3-HR third helps Twins 'set the tone' for 2022
TORONTO -- The Twins couldn’t keep Vladimir Guerrero Jr. in the park, but their bats still packed far too powerful of a punch for the Majors’ home run leader and young MVP hopeful to overcome.
Jorge Polanco, Josh Donaldson and Miguel Sanó crushed back-to-back-to-back homers in the third inning as the Twins erupted for five runs in the frame to muscle their way to a 7-3 victory in Friday night’s series opener at Rogers Centre, featuring Minnesota’s first three-homer inning against the Blue Jays since 1986 and a sixth-inning blast from Brent Rooker in his return from the paternity list.
“I think any of us that have watched baseball know that there’s that collective energy and things that go along with watching your teammates go out there, hunt good pitches, hit good pitches,” manager Rocco Baldelli said. “Maybe it gives you something to kind of aim for when you go out there to the plate, too.”
The Blue Jays carried a 2-1 lead into the third inning, but the first six Twins batters reached base -- including the first four against left-hander Hyun Jin Ryu -- started by Ryan Jeffers’ leadoff single and Byron Buxton’s RBI double. Polanco followed with his career-high and team-high 31st blast of the season, a 425-foot, two-run shot to left, before Donaldson drew a mixture of applause and boos from his former home crowd with an opposite-field homer that chased Ryu.
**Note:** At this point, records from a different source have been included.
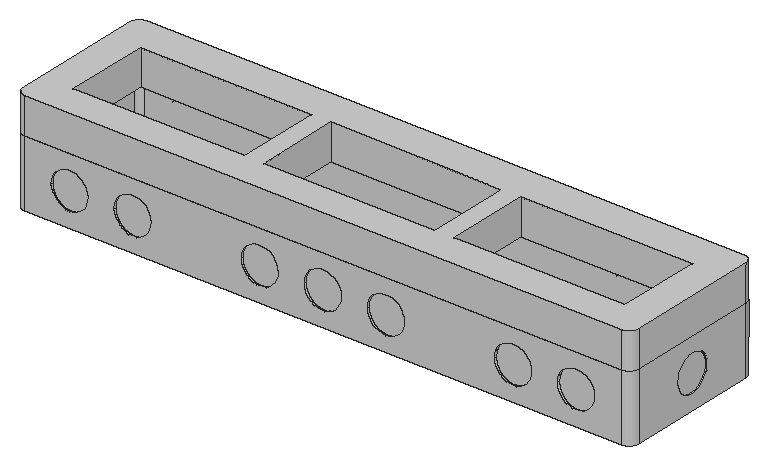
Revit family "Domotics-DomesticRanges-GEWISS-27COMBI_SYSTEM-IP40_4P+4P+4P_HORIZONTAL", category Apparecchi elettrici, host Superficie, Revit 2016
Family settings
  Host = Superficie
  Mantenere orientamento annotazione = No
  Tipo di parte = Normale
  Quota connettore circolare = Usa diametro
  Numero OmniClass = 23.80.30.14.24
  Titolo OmniClass = Junction Boxes
  Taglio con vuoti quando caricato = Sì
  Condiviso = No
  Punto di calcolo locali = No
Parameters (values of type "GW27007 - 4x3 gangs horizontal")
  Version file RFA = "19.4"
  URL = "https://www.gewiss.com/ww/en"
  Type of knockout holes = "Removable with tool"
  Torque screws tightening = "0,8NM"
  Tipo = SYSTEM CONTENITORI IP40 4X3P H_BASE : GW27007 - 4x3 posti orizzontali
  Thermo-pressure with ball = "70 °C"
  Technical sheet = "https://www.gewiss.com/ww/en/search?q=GW27007"
  Standard; = "EN 60670-1"
  Shock resistance = "IK07"
  SEO = "Enclosure"
  SCATOLA = GEWISS GRIGIO
  Realized by GEWISS S.p.A. = ""
  Produttore = "GEWISS S.p.A."
  Outer dim. LxHxD (mm) = "330x82x55"
  Offset contenitore [instance] = 0 mm
  Offset bidimensionale [instance] = Offset contenitore + 55 mm  # 55 mm
  No. knockout holes Ã˜23 = "16 on sides / 3 on the bottom"
  No. knockout holes Ã˜ 23 = "16"
  Modello = "GW27007"
  Lid screws = "Corrosion-resistant steel"
  Larghezza scatola = 330 mm
  Insulation class = "II"
  Installation temperature = "-25 +60 °C"
  IP degree = "IP40"
  IFC.TypeObject = ""
  IFC.ExportType = ""
  IFC.ExportAs = ""
  IDT = "0ac9fafb-c611-4cc4-9ad7-197cb8e27791"
  IDF = "4fa2526b-bcec-4f5e-b748-7f523d4194ae"
  Glow Wire Test = "650°C"
  Electrocod = "0212"
  EAN code = "8011564055308"
  Distanza simbolo [instance] = 231.658 mm
  Default Elevation = 1219.2 mm
  Immagine tipo = GW27007.jpg
  Dimensions LxHxD (mm) = "330x82x55"
  Descrizione = "HORIZ.12(4X3) GANG ENCLOSURE IP40"
  Description: = "12 gang"
  Configuration = "Module 4 x 3"
  Compartment pre-arrangement = "3"
  Colour = "Grey RAL 7035"
  Characteristics = "Halogen free"
  Catalogue Range = "27COMBI"
  Catalogue = "DOMOTICS"
  COBie.Tagnumber = ""
  COBie.CreatedOn = ""
  COBie.CreatebBy = ""
  COBie.ComponentRegisterItemID = ""
  COBie.Component.TagNumber = ""
  COBie.Component.Space = ""
  COBie.Component.SerialNumber = ""
  COBie.Component.InstallationDate = ""
  COBie.Component.Description = ""
  COBie.Component.BarCode = ""
  Bidimensionale = bidimensionale system contenitori IP40 4X3P H : 4P
  Altezza simbolo [instance] = 102.729 mm
Reference planes
  plane 1 "Centro (Fronte/Retro)": y = 0
  plane 2: z = 0
  plane 3 "Centro (Sinistra/Destra)": x = 0
  plane 4: z = 0
  plane 5 "piano bidimensionale": z = 55
  plane 6: y = 41
  plane 7: y = -41
  plane 8 "1": x = -165
  plane 9 "2": x = 165
Forms (mm)
  Extrusion 1, solid, material "GEWISS GRIGIO" <- "SCATOLA", detail levels coarse
    sketch origin (0, 0, 55) x (0, -1, 0) y (1, 0, 0)
      loop
        arc (-41, -160) -> (-39.536, -163.536) -> (-36, -165) r 5
        line (-36, -165) -> (36, -165)
        arc (36, -165) -> (39.536, -163.536) -> (41, -160) r 5
        line (41, -160) -> (41, 160)
        arc (41, 160) -> (39.536, 163.536) -> (36, 165) r 5
        line (36, 165) -> (-36, 165)
        arc (-36, 165) -> (-39.536, 163.536) -> (-41, 160) r 5
        line (-41, 160) -> (-41, -160)
    from -55 to 0
Lines and regions (mm)
  Masking region 1
    outline origin (0, 0, 0) x (1, 0, 0) y (0, 0, 1)
      loop
        line (-165, 0) -> (165, 0) -> (165, 55) -> (-165, 55) -> (-165, 0)
  Masking region 2
    outline origin (0, 0, 0) x (0, 1, 0) y (0, 0, 1)
      loop
        line (-41, 0) -> (41, 0) -> (41, 55) -> (-41, 55) -> (-41, 0)
  Masking region 3, detail levels medium+fine
    outline origin (0, 0, 0) x (1, 0, 0) y (0, 0, 1)
      loop
        circle (0, 18.132) r 10
      loop
        circle (-33.75, 18.132) r 10
      loop
        circle (-101.875, 18.132) r 10
      loop
        circle (-135.852, 18.132) r 10
      loop
        circle (33.75, 18.132) r 10
      loop
        circle (101.875, 18.132) r 10
      loop
        circle (135.852, 18.132) r 10
  Masking region 4, detail levels medium+fine
    outline origin (0, 0, 0) x (0, 1, 0) y (0, 0, 1)
      loop
        circle (0, 18.264) r 10
Dimensions and locks
  "Offset contenitore": plane 4 to host face
  "Offset bidimensionale": plane 5 "piano bidimensionale" to plane 2
  "Larghezza scatola": plane 8 "1" to plane 9 "2"
  equal spacing: plane 8 "1", plane 3 "Centro (Sinistra/Destra)", plane 9 "2"
  locked: plane 6 to plane 7 at 82
  aligned and locked: plane 2 to host face
  aligned and locked: level to host face
  aligned and locked: Extrusion 1 to plane 4
  aligned and locked: plane 5 "piano bidimensionale" to Extrusion 1
  aligned and locked: plane 4 to Extrusion 1  (x5)
  aligned and locked: plane 6 to Extrusion 1
  aligned and locked: Extrusion 1 to plane 8 "1"
  aligned and locked: Extrusion 1 to plane 7
  aligned and locked: plane 3 "Centro (Sinistra/Destra)" to nested 1
  aligned and locked: plane 1 "Centro (Fronte/Retro)" to nested 1
  aligned and locked: Extrusion 1 sketch curve to plane 8 "1"
  aligned and locked: plane 5 "piano bidimensionale" to nested 1
  aligned and locked: plane 8 "1" to nested 2
  aligned and locked: Extrusion 1 sketch curve to plane 9 "2"
  aligned and locked: nested 2 to plane 4
  aligned and locked: Masking region 1 sketch curve to Extrusion 1  (x3)
  aligned and locked: Masking region 1 sketch curve to nested 2
  aligned and locked: Masking region 2 sketch curve to Extrusion 1  (x3)
  aligned and locked: Masking region 2 sketch curve to nested 2
Automatic sketch dimensions
  host sketch curve to host sketch curve = 2438.4 mm  (x2)
  plane 6 to Extrusion 1 sketch curve = 0 mm
  plane 7 to Extrusion 1 sketch curve = 0 mm
  Extrusion 1 sketch curve to plane 6 = 5 mm  (x2)
  plane 7 to Extrusion 1 sketch curve = 5 mm
  Extrusion 1 sketch curve to Extrusion 1 sketch curve = 5 mm
  Masking region 3 sketch curve to plane 3 "Centro (Sinistra/Destra)" = 0 mm
  Masking region 3 sketch curve to Masking region 3 sketch curve = 33.75 mm
  plane 4 to Masking region 3 sketch curve = 18.132 mm  (x7)
  plane 8 "1" to Masking region 3 sketch curve = 63.125 mm
  plane 8 "1" to Masking region 3 sketch curve = 29.148 mm
  plane 3 "Centro (Sinistra/Destra)" to Masking region 3 sketch curve = 33.75 mm
  Masking region 3 sketch curve to plane 9 "2" = 63.125 mm
  Masking region 3 sketch curve to plane 9 "2" = 29.148 mm
  Masking region 4 sketch curve to plane 1 "Centro (Fronte/Retro)" = 0 mm
  plane 4 to Masking region 4 sketch curve = 18.264 mm
  radius of Masking region 3 sketch curve = 10 mm  (x7)
  radius of Masking region 4 sketch curve = 10 mm
Nested families
  nested 1: "bidimensionale system contenitori IP40 4X3P H" at (0, 0, 55), type <- "Bidimensionale", type "4P", detail levels coarse
  nested 2: "SYSTEM CONTENITORI IP40 4X3P H_BASE" at (0, 0, 0), type <- "Tipo", type "GW27007 - 4x3 posti orizzontali"
Connectors
  cabletrayconduit at (-165, 0, 18), diameter 20
    settings: on nested 2, index 1, connector width 300 mm, connector height 300 mm, connector angle 0.00°, system type 32, placement type 0, profile type 0, connector reference index -1, is primary connector yes, connector utility param no, connector description ""
  cabletrayconduit at (-135.83, 41, 18), diameter 20
    settings: on nested 2, index 2, connector width 300 mm, connector height 300 mm, connector angle 0.00°, system type 32, placement type 0, profile type 0, connector reference index -1, is primary connector no, connector utility param no, connector description ""
  cabletrayconduit at (-102, 41, 18), diameter 20
    settings: on nested 2, index 3, connector width 300 mm, connector height 300 mm, connector angle 0.00°, system type 32, placement type 0, profile type 0, connector reference index -1, is primary connector no, connector utility param no, connector description ""
  cabletrayconduit at (-33.83, 41, 18), diameter 20
    settings: on nested 2, index 4, connector width 300 mm, connector height 300 mm, connector angle 0.00°, system type 32, placement type 0, profile type 0, connector reference index -1, is primary connector no, connector utility param no, connector description ""
  cabletrayconduit at (0, 41, 18), diameter 20
    settings: on nested 2, index 5, connector width 300 mm, connector height 300 mm, connector angle 0.00°, system type 32, placement type 0, profile type 0, connector reference index -1, is primary connector no, connector utility param no, connector description ""
  cabletrayconduit at (33.83, 41, 18), diameter 20
    settings: on nested 2, index 6, connector width 300 mm, connector height 300 mm, connector angle 0.00°, system type 32, placement type 0, profile type 0, connector reference index -1, is primary connector no, connector utility param no, connector description ""
  cabletrayconduit at (102, 41, 18), diameter 20
    settings: on nested 2, index 7, connector width 300 mm, connector height 300 mm, connector angle 0.00°, system type 32, placement type 0, profile type 0, connector reference index -1, is primary connector no, connector utility param no, connector description ""
  cabletrayconduit at (135.83, 41, 18), diameter 20
    settings: on nested 2, index 8, connector width 300 mm, connector height 300 mm, connector angle 0.00°, system type 32, placement type 0, profile type 0, connector reference index -1, is primary connector no, connector utility param no, connector description ""
  cabletrayconduit at (-135.83, -41, 18), diameter 20
    settings: on nested 2, index 9, connector width 300 mm, connector height 300 mm, connector angle 0.00°, system type 32, placement type 0, profile type 0, connector reference index -1, is primary connector no, connector utility param no, connector description ""
  cabletrayconduit at (-102, -41, 18), diameter 20
    settings: on nested 2, index 10, connector width 300 mm, connector height 300 mm, connector angle 0.00°, system type 32, placement type 0, profile type 0, connector reference index -1, is primary connector no, connector utility param no, connector description ""
  cabletrayconduit at (-33.83, -41, 18), diameter 20
    settings: on nested 2, index 11, connector width 300 mm, connector height 300 mm, connector angle 0.00°, system type 32, placement type 0, profile type 0, connector reference index -1, is primary connector no, connector utility param no, connector description ""
  cabletrayconduit at (0, -41, 18), diameter 20
    settings: on nested 2, index 12, connector width 300 mm, connector height 300 mm, connector angle 0.00°, system type 32, placement type 0, profile type 0, connector reference index -1, is primary connector no, connector utility param no, connector description ""
  cabletrayconduit at (33.83, -41, 18), diameter 20
    settings: on nested 2, index 13, connector width 300 mm, connector height 300 mm, connector angle 0.00°, system type 32, placement type 0, profile type 0, connector reference index -1, is primary connector no, connector utility param no, connector description ""
  cabletrayconduit at (102, -41, 18), diameter 20
    settings: on nested 2, index 14, connector width 300 mm, connector height 300 mm, connector angle 0.00°, system type 32, placement type 0, profile type 0, connector reference index -1, is primary connector no, connector utility param no, connector description ""
  cabletrayconduit at (135.83, -41, 18), diameter 20
    settings: on nested 2, index 15, connector width 300 mm, connector height 300 mm, connector angle 0.00°, system type 32, placement type 0, profile type 0, connector reference index -1, is primary connector no, connector utility param no, connector description ""
  cabletrayconduit at (165, 0, 18), diameter 20
    settings: on nested 2, index 16, connector width 300 mm, connector height 300 mm, connector angle 0.00°, system type 32, placement type 0, profile type 0, connector reference index -1, is primary connector no, connector utility param no, connector description ""
Definition of nested family "SYSTEM CONTENITORI IP40 4X3P H_BASE"
  Parameters (values of type "GW27007 - 4x3 posti orizzontali")
    SCATOLA = none
    PRESA = none
    Profondità scatola = 55 mm  # constant formula
    Larghezza scatola = 330 mm
    Larghezza foro = 92 mm
    Bidimensionale = 70 mm
    Altezza scatola = 82 mm  # constant formula
    Altezza foro = 45 mm
  Reference planes
    plane 1 "Centro (Fronte/Retro)": y = 0
    plane 2: z = 0
    plane 3 "Centro (Sinistra/Destra)": x = 0
    plane 4: y = -41
    plane 5: y = 41
    plane 6: x = -165
    plane 7: x = 165
    plane 8 "PIANO BIDIMENSIONALE": z = 70
    plane 9: z = 55
    plane 10: y = 21.5
    plane 11: y = -23.5
    plane 12: x = -46
    plane 13: x = 46
    plane 14: x = -56
    plane 15: x = -148
    plane 16: x = 56
    plane 17: x = 148
  Forms (mm)
    Extrusion 1, solid, material <- "SCATOLA", detail levels medium+fine
      sketch origin (0, 0, 66) x (0, -1, 0) y (1, 0, 0)
        loop
          arc (-41, -160) -> (-39.536, -163.536) -> (-36, -165) r 5
          line (-36, -165) -> (36, -165)
          arc (36, -165) -> (39.536, -163.536) -> (41, -160) r 5
          line (41, -160) -> (41, 160)
          arc (41, 160) -> (39.536, 163.536) -> (36, 165) r 5
          line (36, 165) -> (-36, 165)
          arc (-36, 165) -> (-39.536, 163.536) -> (-41, 160) r 5
          line (-41, 160) -> (-41, -160)
        loop
          line (36, 163) -> (-36, 163)
          arc (-36, 163) -> (-38.121, 162.121) -> (-39, 160) r 3
          line (-39, 160) -> (-39, -160)
          arc (-39, -160) -> (-38.121, -162.121) -> (-36, -163) r 3
          line (-36, -163) -> (36, -163)
          arc (36, -163) -> (38.121, -162.121) -> (39, -160) r 3
          line (39, -160) -> (39, 160)
          arc (39, 160) -> (38.121, 162.121) -> (36, 163) r 3
      from -66 to -30
    Extrusion 2, void, detail levels medium+fine
      sketch origin (0, 0, 0) x (0, 1, 0) y (0, 0, 1)
        loop
          circle (0, 18) r 10
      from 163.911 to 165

The pitching change to Ross Stripling didn’t staunch the flow, as Sanó followed with the longest homer of them all, a 436-foot blast to straightaway center, marking the first time the Twins hit three consecutive homers since April 26, 2019, when Nelson Cruz, Eddie Rosario and C.J. Cron went back-to-back-to-back against Alex Cobb of the Orioles.
“There are times when our lineup’s been held in check,” Donaldson said. “When we score, we tend to score in bunches. And we were able to do that again tonight.”
With Toronto clawing to maintain its position as one of the two Wild Card teams in the tight American League Wild Card race, Blue Jays manager Charlie Montoyo showed his urgency with a very quick hook for Ryu following Donaldson’s blast -- but unfortunately for his team, the brunt of the damage had already been done in the blink of an eye.
Though the Twins aren’t playing for October, Donaldson thinks of them as already playing for next April. All this pop in the heart of the lineup doesn’t have to be transient, with Polanco, Donaldson and Sanó all under contract next season, soon to be rejoined by Alex Kirilloff and Trevor Larnach, with Jose Miranda also expected to start contributing in 2022.
“We’re trying to set the tone, not just finish strong this year but leading into next year,” Donaldson said. “We have guys that are going to be here, most likely, going into 2022. We want to start setting the tone now that we still have the expectations to win, and go out there and play hard to where we roll into Spring Training, continue setting that foundation that we’re setting now.”
Polanco has embodied that tone throughout the second half, exemplified once again when he overcame a costly pair of errors on defense to key the Twins’ surge on offense.
Starting at shortstop in place of Andrelton Simmons, who stayed in the United States due to considerations involving his ongoing application for permanent U.S. residency, Polanco double-clutched and overthrew Sanó on a routine two-out grounder to short in the bottom of the second, allowing a run to score from second. On the next play, he airmailed a cutoff throw from the outfield as another run crossed home plate, erasing Minnesota’s early 1-0 lead.
But he immediately made up for those two runs with his big swing in the third inning against a Ryu curveball, which came one foot shy of matching the longest right-handed homer of his career. He added singles in the seventh and ninth to collect his team-leading 15th three-hit game of the year, more than his next two teammates on the list combined (Luis Arraez, with nine, and Donaldson, with five).
“That’s not an easy place to be for any player, whether you’re a Major League All-Star or not, but not surprised by the way that Polo responded,” Baldelli said. “He has things that he can lean on. He has the confidence, and he knows what to do when things like that happen.”